Si tu envisageais un iPad Pro 256Go, pourquoi ne pas rester dessus et prendre un modèle "Cellular" et reporter l'achat de l'iPhone ? Gros inconvénient : il prendra de la place


----------



## Gwen (30 Mars 2020)

ecatomb a dit:


> Si tu envisageais un iPad Pro 256Go, pourquoi ne pas rester dessus et prendre un modèle "Cellular" et reporter l'achat de l'iPhone ? Gros inconvénient : il prendra de la place


Un iPad cellular ne permet pas de téléphoner.


----------



## Membre supprimé 1129907 (30 Mars 2020)

Et  , je passe pour un idiot, je confond avec l'iPad 4G qui a existé sur certain modèles...
J'ai donc officiellement appris aujourd'hui que le Cellular, c'est pour le gps 

Dans ce cas, le iPhone 11 Pro Max si c'était la taille de l'écran du iPad qui t'intéressait ?


----------



## Matpolux (30 Mars 2020)

gwen a dit:


> Un iPad cellular ne permet pas de téléphoner.



Je ne me vois pas non plus faire les photos de tous les jours avec. 

Une autre solution serait de conserver le SE jusqu'en septembre 2020 ( date théorique des nouvelles annonces ) et d'acheter l'iPad pro comme prévu. Le format du SE, je vais m'y habituer (avant cela ne posait pas de problème de frappe) mais quid des photos


----------



## Matpolux (30 Mars 2020)

ecatomb a dit:


> Et  , je passe pour un idiot, je confond avec l'iPad 4G qui a existé sur certain modèles...
> J'ai donc officiellement appris aujourd'hui que le Cellular, c'est pour le gps
> 
> Dans ce cas, le iPhone 11 Pro Max si c'était la taille de l'écran du iPad qui t'intéressait ?



Non l'iPad m'intéresse pour avoir un outil personnel de travail et de consultation. Dans le cadre de mon boulot, je suis doté d'un MacBook Pro 13 2019 et d'un iPad Air que j'utilise au quotidien, les soirs et les week-ends. Etant des outils professionnels, je n'ai aucune possibilité de couper le cordon qui me lie avec mon travail. Les mails et autres notifications pro arrivent sans cesse et cela n'est pas très agréable le samedi soir en consultant le web ou autre à titre perso.
Pour les appels, ayant créé une liste perso / pro, je n'ai pas ce problème. 

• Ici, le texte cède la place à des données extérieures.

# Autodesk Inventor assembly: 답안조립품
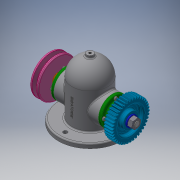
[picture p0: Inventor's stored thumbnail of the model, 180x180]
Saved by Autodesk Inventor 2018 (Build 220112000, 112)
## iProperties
Created: 2019-11
Part Number: 답안조립품
Material: 일반
Document SubType Name: Assembly
Designer: USER
Author: USER
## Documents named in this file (14)
- C:\Users\USER\Desktop\491104V1045\답안조립품.iam
- C:\Users\USER\Desktop\491104V1045\본체.ipt
- C:\Users\USER\Desktop\491104V1045\V-벨트풀리.ipt
- V-벨트풀리.ipt
- C:\Users\USER\Desktop\491104V1045\너트 M12x1.25.ipt
- C:\Users\USER\Desktop\491104V1045\베어링 6203.ipt
- C:\Users\USER\Desktop\491104V1045\볼트 M4.ipt
- C:\Users\USER\Desktop\491104V1045\부시.ipt
- C:\Users\USER\Desktop\491104V1045\스퍼기어.ipt
- C:\Users\USER\Desktop\491104V1045\오일 실 26 38 8.ipt
- C:\Users\USER\Desktop\491104V1045\와셔 12x24.ipt
- C:\Users\USER\Desktop\491104V1045\축.ipt
- C:\Users\USER\Desktop\491104V1045\커버.ipt
- C:\Users\USER\Desktop\491104V1045\키 5x5x12.ipt
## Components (1 placed, 1 different names)
1. V-벨트풀리:1
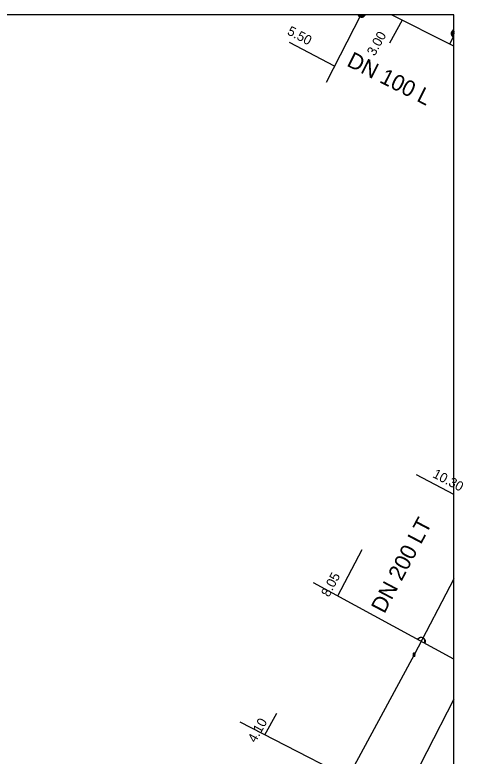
# Model space of a CAD drawing. Extents: x -820257 to -819974, y -1070894 to -1070484.
# Drawn here: x -820030.6 to -819974.5, y -1070577.4 to -1070484.4 of the extents above; entities that cross this region are included whole.
import ezdxf

# ---------------------------------------------------------------- set-up
doc = ezdxf.new("R2010")
doc.units = 0
for name, color, linetype in [('Default', 7, 'Continuous'), ('Lomový bod vodovodu', 7, 'Continuous'), ('Nepropojené křížení vodovodu', 7, 'Continuous'), ('Oměrka vodovodu', 7, 'Continuous'), ('Oměrka-text', 7, 'Continuous'), ('Přípojka vodovodu', 7, 'Continuous'), ('Přípojkový uzávěr', 7, 'Continuous'), ('Roz-řad', 7, 'Continuous'), ('Roz-řad-popis základní', 7, 'Continuous')]:
    doc.layers.add(name, color=color, linetype=linetype)

msp = doc.modelspace()

# ---------------------------------------------------------------- linework, layer by layer
at = {"layer": 'Default'}
msp.add_line((-819975.603, -1070893.932), (-819975.603, -1070484.403), dxfattribs=at)
msp.add_lwpolyline([(-819975.603, -1070484.403), (-820256.81, -1070484.403), (-820256.81, -1070893.932)], dxfattribs=at)
at = {"layer": 'Lomový bod vodovodu'}
for points in [[(-819980.638, -1070564.586), (-819980.7, -1070564.45), (-819980.5, -1070564.45), (-819980.563, -1070564.586)], [(-819980.563, -1070564.714), (-819980.5, -1070564.85), (-819980.7, -1070564.85), (-819980.638, -1070564.714)], [(-819980.578, -1070564.579), (-819980.524, -1070564.463), (-819980.678, -1070564.463), (-819980.623, -1070564.579)], [(-819980.623, -1070564.721), (-819980.678, -1070564.838), (-819980.524, -1070564.838), (-819980.578, -1070564.721)], [(-819980.632, -1070564.703), (-819980.608, -1070564.65), (-819980.632, -1070564.597)], [(-819980.618, -1070564.59), (-819980.6, -1070564.628), (-819980.583, -1070564.59)], [(-819980.583, -1070564.71), (-819980.6, -1070564.672), (-819980.618, -1070564.71)], [(-819980.568, -1070564.597), (-819980.592, -1070564.65), (-819980.568, -1070564.703)]]:
    msp.add_lwpolyline(points, dxfattribs=at)
for points in [[(-819980.638, -1070564.714), (-819980.655, -1070564.705), (-819980.665, -1070564.687), (-819980.675, -1070564.67), (-819980.675, -1070564.65), (-819980.675, -1070564.63), (-819980.665, -1070564.613), (-819980.655, -1070564.595), (-819980.638, -1070564.586)], [(-819980.632, -1070564.597), (-819980.646, -1070564.605), (-819980.654, -1070564.619), (-819980.662, -1070564.634), (-819980.662, -1070564.65), (-819980.662, -1070564.666), (-819980.654, -1070564.681), (-819980.646, -1070564.695), (-819980.632, -1070564.703)], [(-819980.623, -1070564.579), (-819980.612, -1070564.575), (-819980.6, -1070564.575), (-819980.589, -1070564.575), (-819980.578, -1070564.579)], [(-819980.578, -1070564.721), (-819980.588, -1070564.725), (-819980.6, -1070564.725), (-819980.612, -1070564.725), (-819980.623, -1070564.721)], [(-819980.583, -1070564.59), (-819980.591, -1070564.588), (-819980.6, -1070564.588), (-819980.609, -1070564.588), (-819980.618, -1070564.59)], [(-819980.618, -1070564.71), (-819980.609, -1070564.712), (-819980.6, -1070564.712), (-819980.591, -1070564.712), (-819980.583, -1070564.71)], [(-819980.568, -1070564.703), (-819980.554, -1070564.695), (-819980.546, -1070564.681), (-819980.538, -1070564.666), (-819980.538, -1070564.65), (-819980.538, -1070564.634), (-819980.546, -1070564.619), (-819980.554, -1070564.605), (-819980.568, -1070564.597)], [(-819980.563, -1070564.586), (-819980.545, -1070564.595), (-819980.535, -1070564.613), (-819980.525, -1070564.63), (-819980.525, -1070564.65), (-819980.525, -1070564.67), (-819980.535, -1070564.687), (-819980.545, -1070564.705), (-819980.563, -1070564.714)]]:
    msp.add_open_spline(points, degree=3, dxfattribs=at)
at = {"layer": 'Nepropojené křížení vodovodu'}
for points in [[(-819980.125, -1070562.743), (-819980.153, -1070562.728)], [(-819979.274, -1070563.206), (-819979.302, -1070563.191)]]:
    msp.add_lwpolyline(points, dxfattribs=at)
for points in [[(-819980.153, -1070562.728), (-819980.09, -1070562.613), (-819979.974, -1070562.539), (-819979.857, -1070562.466), (-819979.722, -1070562.467), (-819979.586, -1070562.467), (-819979.475, -1070562.528), (-819979.364, -1070562.588), (-819979.29, -1070562.702), (-819979.216, -1070562.815), (-819979.214, -1070562.953), (-819979.212, -1070563.092), (-819979.274, -1070563.206)], [(-819979.302, -1070563.191), (-819979.243, -1070563.083), (-819979.245, -1070562.954), (-819979.248, -1070562.825), (-819979.317, -1070562.718), (-819979.386, -1070562.612), (-819979.49, -1070562.555), (-819979.594, -1070562.499), (-819979.721, -1070562.498), (-819979.849, -1070562.497), (-819979.958, -1070562.566), (-819980.067, -1070562.635), (-819980.125, -1070562.743)]]:
    msp.add_open_spline(points, degree=3, dxfattribs=at)
at = {"layer": 'Oměrka vodovodu'}
for p, q in [((-819982.087, -1070485.072), (-819983.683, -1070487.954)), ((-819990.557, -1070490.842), (-819996.21, -1070487.88)), ((-819975.603, -1070544.542), (-819980.28, -1070542.08)), ((-819990.153, -1070557.282), (-819987.106, -1070551.477)), ((-819999.32, -1070574.708), (-819997.811, -1070572.003))]:
    msp.add_line(p, q, dxfattribs=at)
at = {"layer": 'Přípojka vodovodu'}
for points in [[(-819987.283, -1070484.403), (-819991.608, -1070492.908)], [(-819976.119, -1070488.078), (-819975.603, -1070487.054)], [(-819975.603, -1070522.379), (-819975.649, -1070522.355)], [(-819975.603, -1070565.205), (-819993.199, -1070555.624)], [(-819982.38, -1070583.418), (-819983.714, -1070582.732), (-820002.391, -1070573.129)]]:
    msp.add_lwpolyline(points, dxfattribs=at)
at = {"layer": 'Přípojkový uzávěr'}
for p, q in [((-819987.574, -1070484.403), (-819987.627, -1070484.403)), ((-819987.483, -1070484.403), (-819987.535, -1070484.403)), ((-819987.37, -1070484.403), (-819987.426, -1070484.403)), ((-819987.044, -1070484.403), (-819987.302, -1070484.403)), ((-819986.926, -1070484.403), (-819986.98, -1070484.403)), ((-819986.814, -1070484.403), (-819986.866, -1070484.403)), ((-819986.722, -1070484.403), (-819986.775, -1070484.403)), ((-819975.603, -1070486.313), (-819975.603, -1070486.263)), ((-819975.603, -1070486.398), (-819975.603, -1070486.35)), ((-819975.603, -1070486.495), (-819975.603, -1070486.45)), ((-819975.603, -1070486.61), (-819975.603, -1070486.544)), ((-819975.603, -1070486.8), (-819975.603, -1070486.679)), ((-819975.603, -1070486.933), (-819975.603, -1070486.868)), ((-819975.603, -1070487.027), (-819975.603, -1070486.981)), ((-819975.603, -1070487.127), (-819975.603, -1070487.079)), ((-819975.603, -1070487.213), (-819975.603, -1070487.163))]:
    msp.add_line(p, q, dxfattribs=at)
for points, degree in [([(-819987.627, -1070484.403), (-819987.613, -1070484.433), (-819987.594, -1070484.461), (-819987.517, -1070484.575), (-819987.4, -1070484.635), (-819987.284, -1070484.693), (-819987.149, -1070484.689), (-819987.013, -1070484.684), (-819986.9, -1070484.607), (-819986.787, -1070484.531), (-819986.729, -1070484.416), (-819986.725, -1070484.41), (-819986.722, -1070484.403)], 3), ([(-819986.775, -1070484.403), (-819986.828, -1070484.502), (-819986.926, -1070484.568), (-819987.028, -1070484.638), (-819987.151, -1070484.642), (-819987.274, -1070484.646), (-819987.379, -1070484.593), (-819987.485, -1070484.539), (-819987.554, -1070484.435), (-819987.565, -1070484.42), (-819987.574, -1070484.403)], 3), ([(-819987.535, -1070484.403), (-819987.53, -1070484.41), (-819987.526, -1070484.417), (-819987.461, -1070484.513), (-819987.364, -1070484.562), (-819987.266, -1070484.612), (-819987.153, -1070484.608), (-819987.039, -1070484.604), (-819986.945, -1070484.54), (-819986.862, -1070484.484), (-819986.814, -1070484.403)], 3), ([(-819986.866, -1070484.403), (-819986.935, -1070484.505), (-819987.058, -1070484.545), (-819987.205, -1070484.594), (-819987.344, -1070484.523), (-819987.431, -1070484.478), (-819987.483, -1070484.403)], 3), ([(-819987.426, -1070484.403), (-819987.385, -1070484.451), (-819987.324, -1070484.482), (-819987.203, -1070484.543), (-819987.074, -1070484.502), (-819986.983, -1070484.472), (-819986.926, -1070484.403)], 3), ([(-819986.98, -1070484.403), (-819987.025, -1070484.444), (-819987.086, -1070484.464), (-819987.2, -1070484.501), (-819987.306, -1070484.446), (-819987.342, -1070484.428), (-819987.37, -1070484.403)], 3), ([(-819987.302, -1070484.403), (-819987.295, -1070484.408), (-819987.287, -1070484.412), (-819987.195, -1070484.459), (-819987.096, -1070484.426), (-819987.068, -1070484.417), (-819987.044, -1070484.403)], 3), ([(-819975.891, -1070486.514), (-819975.948, -1070486.627), (-819975.944, -1070486.763), (-819975.941, -1070486.898), (-819975.863, -1070487.012), (-819975.786, -1070487.126), (-819975.669, -1070487.185), (-819975.637, -1070487.202), (-819975.603, -1070487.213)], 3), ([(-819975.603, -1070487.163), (-819975.626, -1070487.155), (-819975.648, -1070487.143), (-819975.754, -1070487.09), (-819975.824, -1070486.987), (-819975.894, -1070486.883), (-819975.898, -1070486.76), (-819975.901, -1070486.637), (-819975.85, -1070486.535)], 3), ([(-819975.603, -1070486.263), (-819975.667, -1070486.284), (-819975.723, -1070486.324), (-819975.835, -1070486.402), (-819975.891, -1070486.514)], 3), ([(-819975.819, -1070486.551), (-819975.866, -1070486.645), (-819975.863, -1070486.759), (-819975.86, -1070486.872), (-819975.796, -1070486.968), (-819975.731, -1070487.063), (-819975.633, -1070487.113), (-819975.618, -1070487.12), (-819975.603, -1070487.127)], 3), ([(-819975.85, -1070486.535), (-819975.798, -1070486.433), (-819975.697, -1070486.363), (-819975.652, -1070486.331), (-819975.603, -1070486.313)], 3), ([(-819975.603, -1070487.079), (-819975.608, -1070487.076), (-819975.613, -1070487.074), (-819975.752, -1070487.004), (-819975.801, -1070486.857), (-819975.85, -1070486.71), (-819975.78, -1070486.571)], 3), ([(-819975.603, -1070486.35), (-819975.642, -1070486.366), (-819975.678, -1070486.391), (-819975.771, -1070486.456), (-819975.819, -1070486.551)], 3), ([(-819975.739, -1070486.591), (-819975.8, -1070486.713), (-819975.758, -1070486.842), (-819975.717, -1070486.966), (-819975.603, -1070487.027)], 3), ([(-819975.78, -1070486.571), (-819975.719, -1070486.45), (-819975.603, -1070486.398)], 2), ([(-819975.603, -1070486.981), (-819975.688, -1070486.928), (-819975.72, -1070486.83), (-819975.758, -1070486.716), (-819975.704, -1070486.609)], 3), ([(-819975.603, -1070486.45), (-819975.691, -1070486.496), (-819975.739, -1070486.591)], 2), ([(-819975.668, -1070486.627), (-819975.715, -1070486.72), (-819975.682, -1070486.818), (-819975.658, -1070486.889), (-819975.603, -1070486.933)], 3), ([(-819975.704, -1070486.609), (-819975.667, -1070486.536), (-819975.603, -1070486.495)], 2), ([(-819975.603, -1070486.544), (-819975.643, -1070486.576), (-819975.668, -1070486.627)], 2), ([(-819975.603, -1070486.868), (-819975.626, -1070486.84), (-819975.638, -1070486.802), (-819975.665, -1070486.723), (-819975.627, -1070486.647)], 3), ([(-819975.627, -1070486.647), (-819975.616, -1070486.627), (-819975.603, -1070486.61)], 2), ([(-819975.603, -1070486.679), (-819975.625, -1070486.734), (-819975.606, -1070486.792), (-819975.604, -1070486.796), (-819975.603, -1070486.8)], 3)]:
    msp.add_open_spline(points, degree=degree, dxfattribs=at)
at = {"layer": 'Roz-řad'}
for points in [[(-819975.603, -1070488.338), (-819976.119, -1070488.078), (-819983.415, -1070484.403)], [(-819975.603, -1070555.156), (-819980.6, -1070564.65), (-819996.48, -1070594.05), (-820003.11, -1070606.6), (-820007.73, -1070614.37), (-820021.61, -1070627.51)], [(-819975.603, -1070570.213), (-819982.38, -1070583.418), (-819988.683, -1070595.88)]]:
    msp.add_lwpolyline(points, dxfattribs=at)

# ---------------------------------------------------------------- texts
at = {"layer": 'Oměrka-text'}
for s, rotation, p in [(' 5.50', 332.34686, (-819996.989, -1070486.601)), (' 3.00', 61.03015, (-819985.761, -1070490.037)), ('10.30', 332.23892, (-819978.374, -1070542.349)), (' 8.05', 62.30538, (-819991.475, -1070557.9)), (' 4.10', 60.84479, (-820000.694, -1070576.155))]:
    msp.add_text(s, height=1.2, rotation=rotation, dxfattribs=at).set_placement(p)
at = {"layer": 'Roz-řad-popis základní'}
for s, rotation, p in [('DN 100 L', 333.26623, (-819989.163, -1070490.745)), ('DN 200 LT', 62.23892, (-819984.327, -1070559.597))]:
    msp.add_text(s, height=2, rotation=rotation, dxfattribs=at).set_placement(p)

doc.saveas('drawing.dxf')
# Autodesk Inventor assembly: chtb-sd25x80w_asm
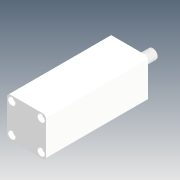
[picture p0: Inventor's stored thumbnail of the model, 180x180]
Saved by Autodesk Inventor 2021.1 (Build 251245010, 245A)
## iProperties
Company: Microsoft
Created: 2018-05
Part Number: chtb-sd25x80w_asm
Description: STEP AP214
Document SubType Name: Assembly
Designer: user
Title: chtb-sd25x80w_asm.STEP
Author: Windows
Revision Number: ÈÎºÎ
Sending System: SolidWorks 2015
Preprocessor: SwSTEP 2.0
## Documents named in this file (4)
- D:\Vault_2016\Projekty\Clamptek\Hydraulic\CHTB\CHTB-25\Inventor\chtb-sd25x80w\chtb-sd25x80w_asm.iam
- D:\Vault_2016\Projekty\Clamptek\Hydraulic\CHTB\CHTB-25\Inventor\chtb-sd25x80w\CHTB-25QG.ipt
- D:\Vault_2016\Projekty\Clamptek\Hydraulic\CHTB\CHTB-25\Inventor\chtb-sd25x80w\CHTB-SD25X80NBT.ipt
- D:\Vault_2016\Projekty\Clamptek\Hydraulic\CHTB\CHTB-25\Inventor\chtb-sd25x80w\CHTB-SD25X80WHSG.ipt
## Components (3 placed, 3 different names)
1. CHTB-25QG_1
2. CHTB-SD25X80NBT_2
3. CHTB-SD25X80WHSG_3

La version Max et les gros téléphones en général ne m'attire pas. C'est aussi pour cette raison que l'iPhone 11 Pro me fait plus de l'oeil, le format est juste parfait pour moi ( je l'ai eu en main en Apple Store à 2 reprises )


----------



## Matpolux (30 Mars 2020)

J'ai finalement commandé un 11 Pro vert 64Go en début d'après-midi. Ce stockage étant suffisant avec mon X, je ne devrais pas être pénalisé. 
Livraison planifiée le 1/04 d'après Apple. A suivre...


----------